Information for Healthcare Professionals
Haloperidol (marketed as Haldol, Haldol Decanoate and Haldol Lactate)
FDA ALERT [9/2007]: This Alert highlights revisions to the labeling for haloperidol (marketed as Haldol, Haldol Decanoate and Haldol Lactate). The updated labeling includes WARNINGS stating that Torsades de Pointes and QT prolongation have been observed in patients receiving haloperidol, especially when the drug is administered intravenously or in higher doses than recommended. Haloperidol is not approved for intravenous use.
This advisory addresses the risk of QT prolongation and Torsades de Pointes (TdP) in patients treated with haloperidol (a butryphenone antipsychotic), especially when given intravenously.
Recommendations and considerations for healthcare professionals:
Although injectable haloperidol is approved by the FDA only for intramuscular injection, there is considerable evidence from the medical literature that intravenous administration of haloperidol is a relatively common “off-label” clinical practice, primarily for treatment of severe agitation in intensive care units. Due to a number of case reports of sudden death, TdP and QT prolongation in patients treated with haloperidol (especially when the drug is given intravenously or at doses higher than recommended), the sponsor has updated the labeling for haloperidol. The updated WARNINGS note that:
* Higher doses and intravenous administration of haloperidol appear to be associated with a higher risk of QT prolongation and TdP.
* Although cases of sudden death, TdP and QT prolongation have been reported even in the absence of predisposing factors, particular caution is advised in treating patients using any formulation of haloperidol who:
o have other QT-prolonging conditions, including electrolyte imbalance (particularly hypokalemia and hypomagnesemia),
o have underlying cardiac abnormalities, hypothyroidism, or familial long QT syndrome, or
o are taking drugs known to prolong the QT interval.
* Because of this risk of TdP and QT prolongation, ECG monitoring is recommended if haloperidol is given intravenously.
* Haloperidol is not approved for intravenous administration.

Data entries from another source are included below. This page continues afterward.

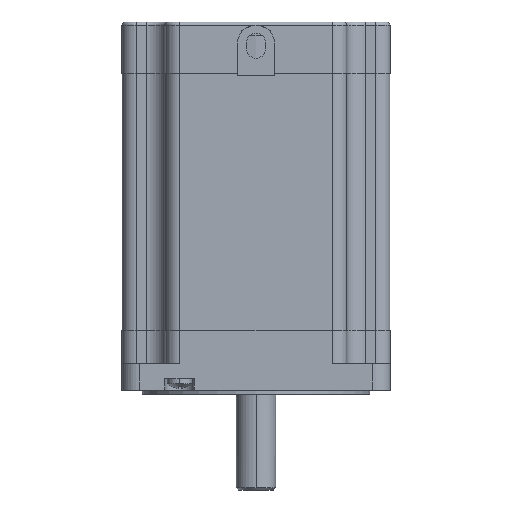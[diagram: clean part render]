
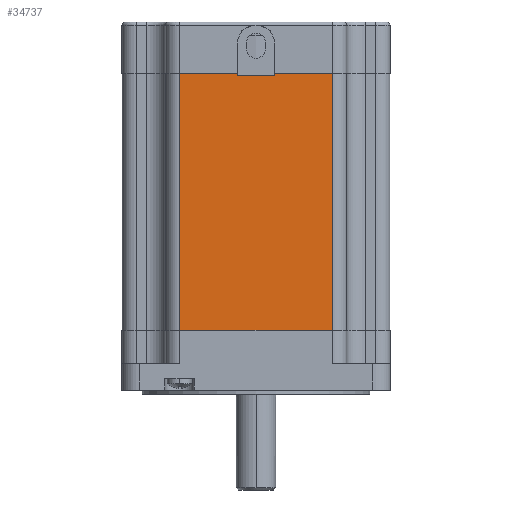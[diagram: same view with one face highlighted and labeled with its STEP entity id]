
A CAD part, left-side view. The second image highlights one B-rep face of the part: STEP entity #34737.
In plain terms, the highlighted planar face has unit normal (-1, 0, 0).
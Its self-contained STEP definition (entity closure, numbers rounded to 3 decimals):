
#650 = EDGE_CURVE ( 'NONE', #36270, #36417, #7085, .T. ) ;
#1016 = FACE_OUTER_BOUND ( 'NONE', #35691, .T. ) ;
#2045 = CARTESIAN_POINT ( 'NONE',  ( -42.87, -24.5, 82.4 ) ) ;
#3076 = VECTOR ( 'NONE', #27436, 1000. ) ;
#3633 = ORIENTED_EDGE ( 'NONE', *, *, #45431, .T. ) ;
#5054 = DIRECTION ( 'NONE',  ( 0., 0., -1. ) ) ;
#7085 = LINE ( 'NONE', #2045, #25351 ) ;
#7221 = ORIENTED_EDGE ( 'NONE', *, *, #48941, .T. ) ;
#10051 = DIRECTION ( 'NONE',  ( 1., 0., 0. ) ) ;
#11626 = EDGE_CURVE ( 'NONE', #32142, #36270, #36728, .T. ) ;
#14390 = CARTESIAN_POINT ( 'NONE',  ( -42.87, -24.5, 0. ) ) ;
#15114 = CARTESIAN_POINT ( 'NONE',  ( -42.87, -24.5, 82.4 ) ) ;
#16013 = VECTOR ( 'NONE', #26712, 1000. ) ;
#18617 = VERTEX_POINT ( 'NONE', #25234 ) ;
#20162 = PLANE ( 'NONE',  #43794 ) ;
#20354 = CARTESIAN_POINT ( 'NONE',  ( -42.87, -24.5, 82.4 ) ) ;
#25234 = CARTESIAN_POINT ( 'NONE',  ( -42.87, 24.5, 0. ) ) ;
#25351 = VECTOR ( 'NONE', #46176, 1000. ) ;
#26712 = DIRECTION ( 'NONE',  ( 0., -1., 0. ) ) ;
#27101 = VECTOR ( 'NONE', #32460, 1000. ) ;
#27436 = DIRECTION ( 'NONE',  ( 0., -1., 0. ) ) ;
#31761 = CARTESIAN_POINT ( 'NONE',  ( -42.87, -24.5, 82.4 ) ) ;
#32142 = VERTEX_POINT ( 'NONE', #43575 ) ;
#32430 = CARTESIAN_POINT ( 'NONE',  ( -42.87, -24.5, 0. ) ) ;
#32460 = DIRECTION ( 'NONE',  ( 0., 0., -1. ) ) ;
#34737 = ADVANCED_FACE ( 'NONE', ( #1016 ), #20162, .F. ) ;
#35691 = EDGE_LOOP ( 'NONE', ( #3633, #48964, #46989, #7221 ) ) ;
#36270 = VERTEX_POINT ( 'NONE', #20354 ) ;
#36417 = VERTEX_POINT ( 'NONE', #14390 ) ;
#36728 = LINE ( 'NONE', #31761, #16013 ) ;
#37456 = CARTESIAN_POINT ( 'NONE',  ( -42.87, 24.5, 82.4 ) ) ;
#42517 = LINE ( 'NONE', #32430, #3076 ) ;
#42547 = LINE ( 'NONE', #37456, #27101 ) ;
#43575 = CARTESIAN_POINT ( 'NONE',  ( -42.87, 24.5, 82.4 ) ) ;
#43794 = AXIS2_PLACEMENT_3D ( 'NONE', #15114, #10051, #5054 ) ;
#45431 = EDGE_CURVE ( 'NONE', #18617, #36417, #42517, .T. ) ;
#46176 = DIRECTION ( 'NONE',  ( 0., 0., -1. ) ) ;
#46989 = ORIENTED_EDGE ( 'NONE', *, *, #11626, .F. ) ;
#48941 = EDGE_CURVE ( 'NONE', #32142, #18617, #42547, .T. ) ;
#48964 = ORIENTED_EDGE ( 'NONE', *, *, #650, .F. ) ;

There are at least 28 case reports of QT prolongation and TdP in the medical literature, some with fatal outcome in the context of off-label intravenous use of haloperidol. In addition to these cases, case-control studies have demonstrated a dose-response relationship between intravenous haloperidol dose and subsequent TdP. Based on this information, as well as the biologic plausibility of QT prolongation with intravenous haloperidol, FDA has strengthened warnings in the haloperidol labeling with regard to the risk of TdP and QT prolongation with intravenous haloperidol use.
At the request of the Pharmacovigilance Department of the Italian Drug Agency (AIFA), the sponsor (Johnson & Johnson) performed two post-marketing analyses of QT interval prolongation and TdP with haloperidol administration (oral or injectable). In one analysis, the sponsor searched their Benefit Risk Management worldwide safety database for QT prolongation -related adverse event reports received through June 30, 2005. This search identified 229 reports, many of which the sponsor described as confounded by concomitant QT-prolonging drugs or medical conditions. The reports included 73 cases of TdP, eleven of which were fatal. Eight of the eleven fatal cases involved intravenous administration of various doses of haloperidol.
In March 2007 the sponsor submitted to FDA the results of a second post-marketing investigation conducted for the Italian drug authority1. This report examined cardiac adverse events with haloperidol decanoate received by the sponsor as of July 30, 2005. The sponsor found thirteen reports including TdP, QT prolongation, ventricular arrhythmias and/or sudden death.
Based on case reports alone, we are unable to estimate the frequency with which QT prolongation or TdP occur following administration of these drugs.